Data records —

◇ ◇ ◇ ◇ ◇ ◇ ◇

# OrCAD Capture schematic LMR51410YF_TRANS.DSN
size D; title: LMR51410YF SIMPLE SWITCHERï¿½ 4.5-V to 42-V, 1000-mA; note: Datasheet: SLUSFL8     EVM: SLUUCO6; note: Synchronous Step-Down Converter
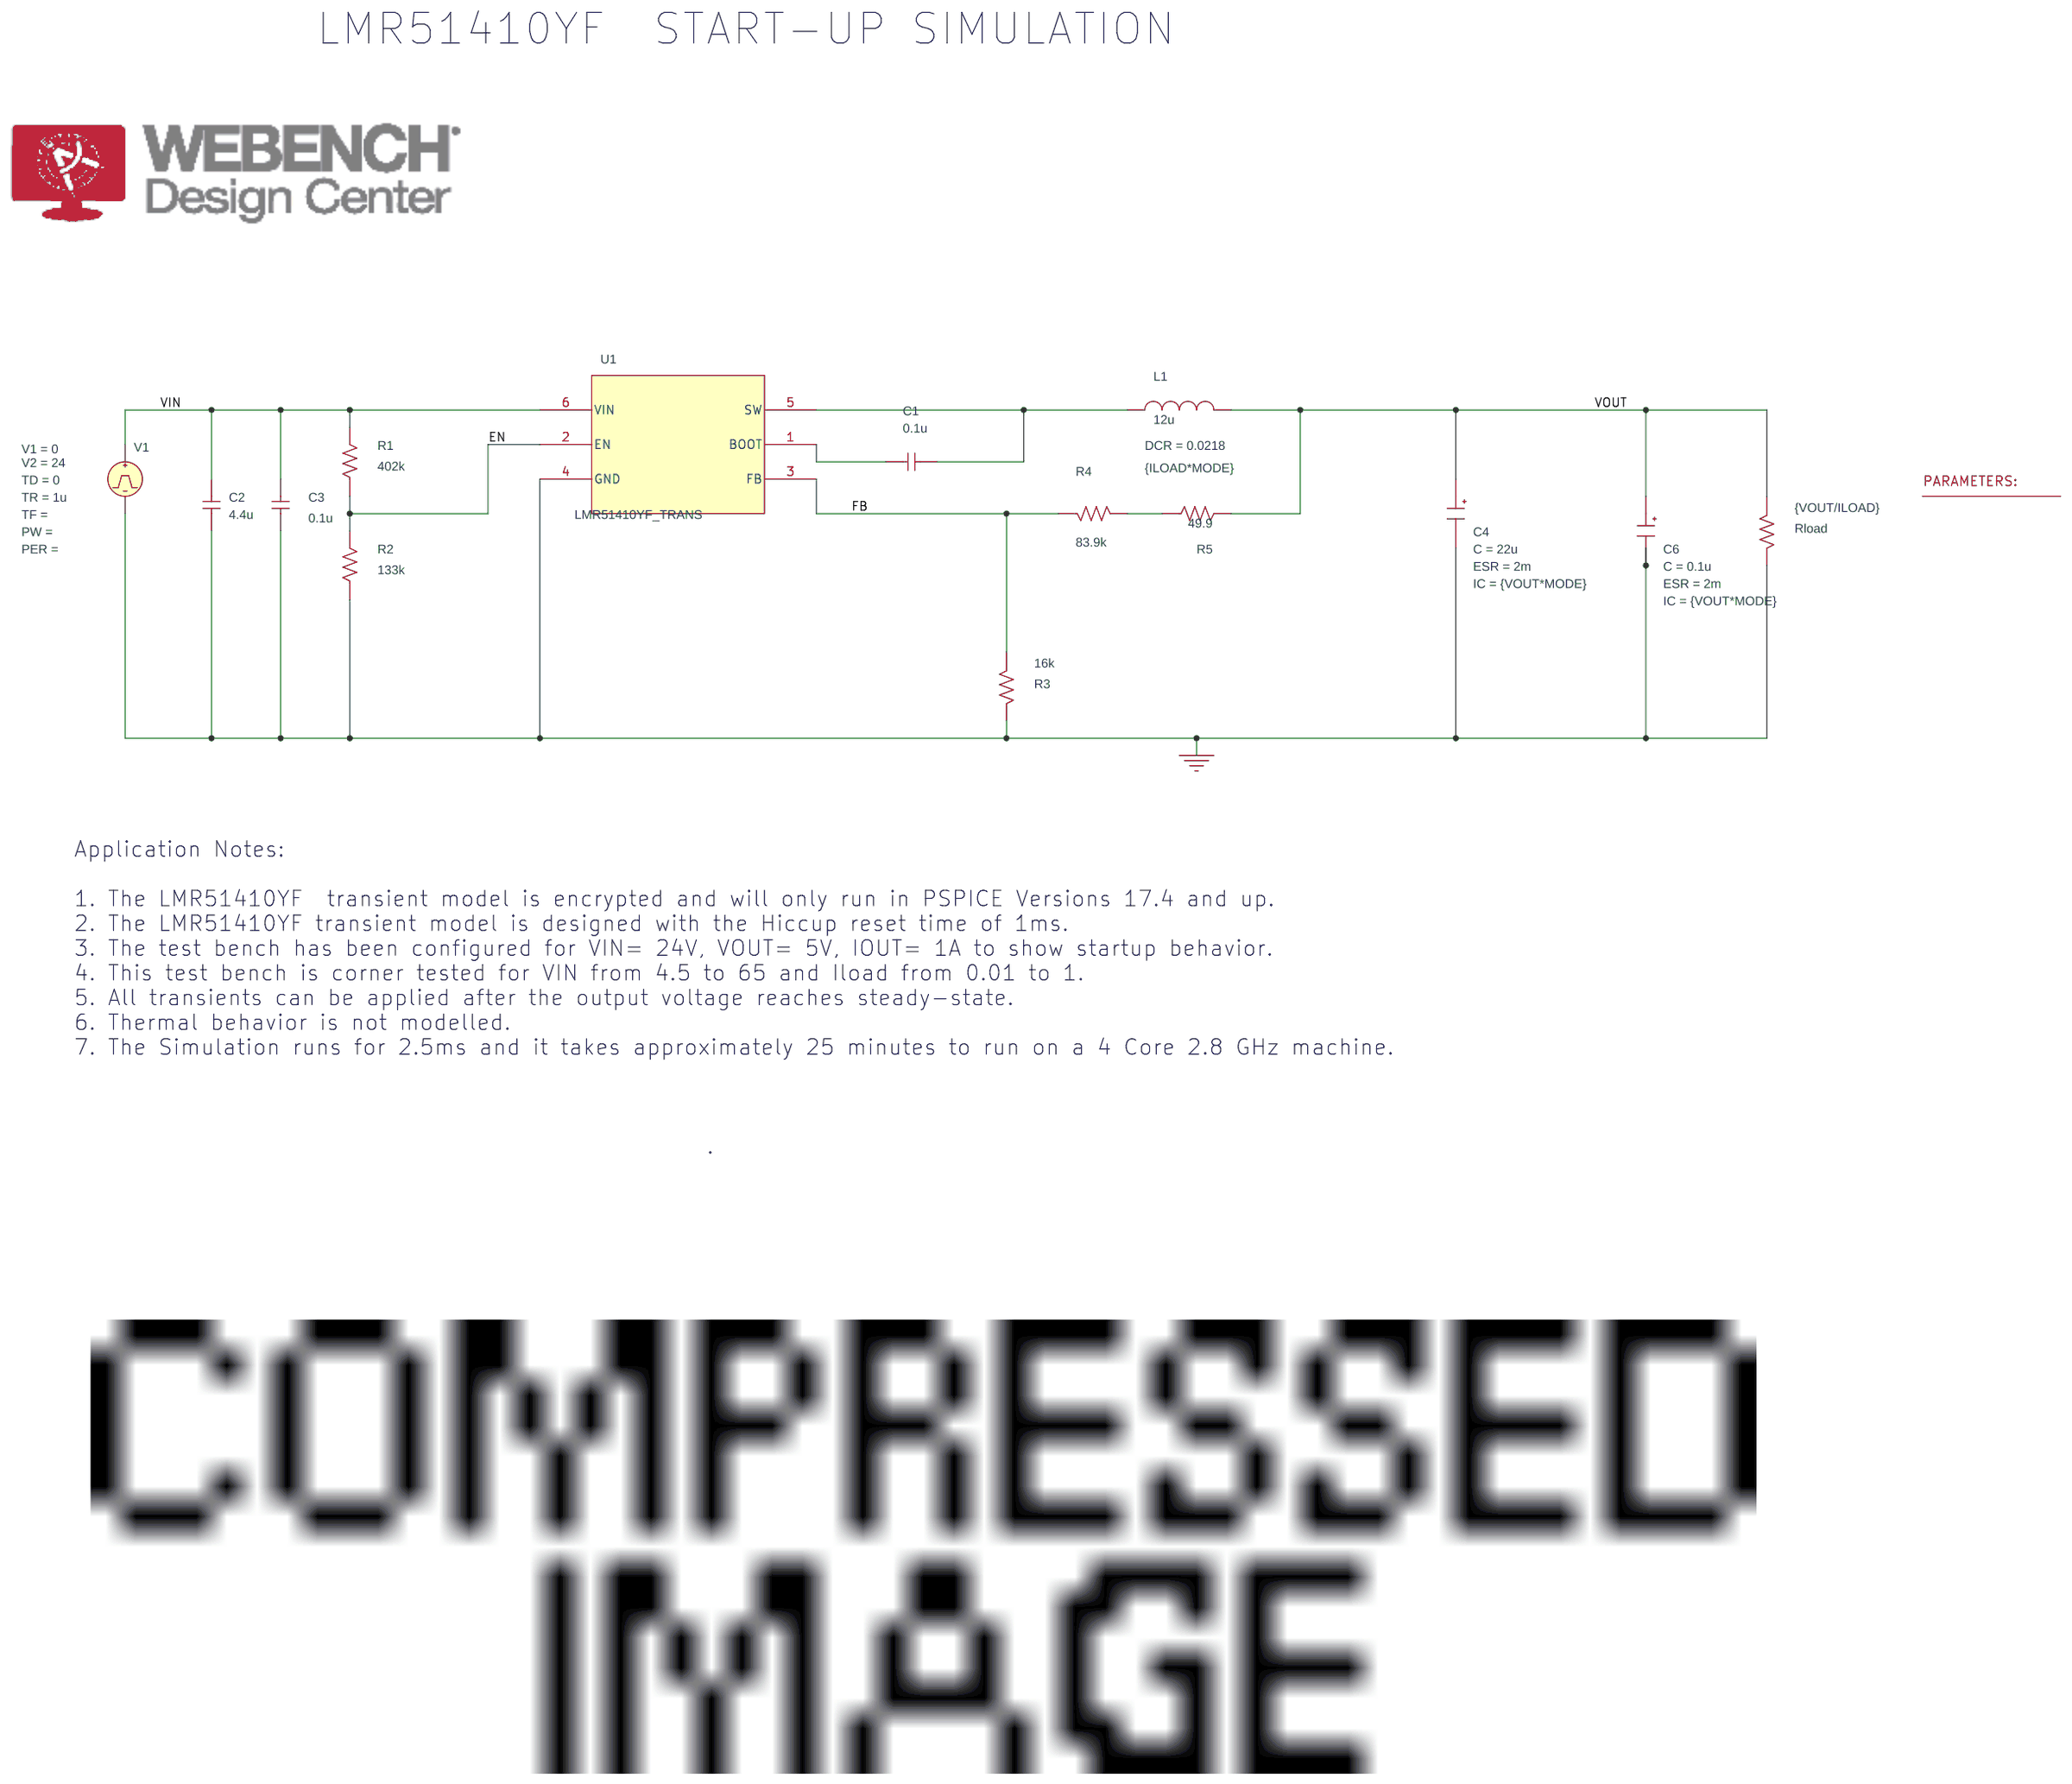
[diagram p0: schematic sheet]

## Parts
1  PARAM
C1  0.1u  [RAD/CK05]
C2  4.4u  [RAD/CK05]
C3  0.1u  [RAD/CK05]
C4  CESR
C6  CESR
L1  12u  [DISC/.350x.175/LS.200x.100/.034]
R1  402k  [AX/RC05]
R2  133k  [AX/RC05]
R3  16k  [AX/RC05]
R4  83.9k  [AX/RC05]
R5  49.9  [AX/RC05]
Rload  {VOUT/ILOAD}  [AX/RC05]
U1  LMR51410YF_TRANS
V1  VPULSE

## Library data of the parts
1 = PARAM: MODE: 0; VOUT: 5
C1 = C: IC: -3.3
C2 C3 = C
C4 = CESR_0: C: 22u; ESR: 2m; IC: {VOUT*MODE}; PSpiceTemplate: X^@REFDES %IN %OUT @MODEL PARAMS:  ?C|C=@C||C=100u|  ?ESR|ESR=@ESR||ESR=0.01| ?X|X=@X||X=2|  ?IC|IC=@IC||IC=2|; X: 1
C6 = CESR_0: C: 0.1u; ESR: 2m; IC: {VOUT*MODE}; PSpiceTemplate: X^@REFDES %IN %OUT @MODEL PARAMS:  ?C|C=@C||C=100u|  ?ESR|ESR=@ESR||ESR=0.01| ?X|X=@X||X=2|  ?IC|IC=@IC||IC=2|; X: 1
L1 = L: DCR: 0.0218; IC: {ILOAD*MODE}
R1 R2 R5 Rload = R
R3 R4 = r
U1 = LMR51410YF_TRANS
V1 = VPULSE: TD: 0; TR: 1u; V1: 0; V2: 24

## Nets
VIN: C2.2 C3.2 R1.2 U1.6(VIN) V1.1(+)
0: C2.1 C3.1 C4.3(OUT) C6.3(OUT) R2.1 R3.2 Rload.2 U1.4(GND) V1.2(-)
EN: R1.1 R2.2 U1.2(EN)
FB: R3.1 R4.1 U1.3(FB)
VOUT: C4.1(IN) C6.1(IN) L1.2 R5.2 Rload.1
N16764843: R4.2 R5.1
N16764891: C1.2 L1.1 U1.5(SW)
N16778061: C1.1 U1.1(BOOT)

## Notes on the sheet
- LMR51410YF  START-UP SIMULATION
- Application Notes:
  1. The LMR51410YF  transient model is encrypted and will only run in PSPICE Versions 17.4 and up.
  2. The LMR51410YF transient model is designed with the Hiccup reset time of 1ms.
  3. The test bench has been configured for VIN= 24V, VOUT= 5V, IOUT= 1A to show startup behavior.
  4. This test bench is corner tested for VIN from 4.5 to 65 and Iload from 0.01 to 1.
  5. All transients can be applied after the output voltage reaches steady-state.
  6. Thermal behavior is not modelled.
  7. The Simulation runs for 2.5ms and it takes approximately 25 minutes to run on a 4 Core 2.8 GHz machine.
                                                        .

◇ ◇ ◇ ◇ ◇ ◇ ◇

What to produce — From the line containing "6. Thermal behavior is not modelled." down to the last line of the material, each line is to be retyped exactly; no other lines belong in the answer.

Solved exercise —
  6. Thermal behavior is not modelled.
  7. The Simulation runs for 2.5ms and it takes approximately 25 minutes to run on a 4 Core 2.8 GHz machine.
                                                        .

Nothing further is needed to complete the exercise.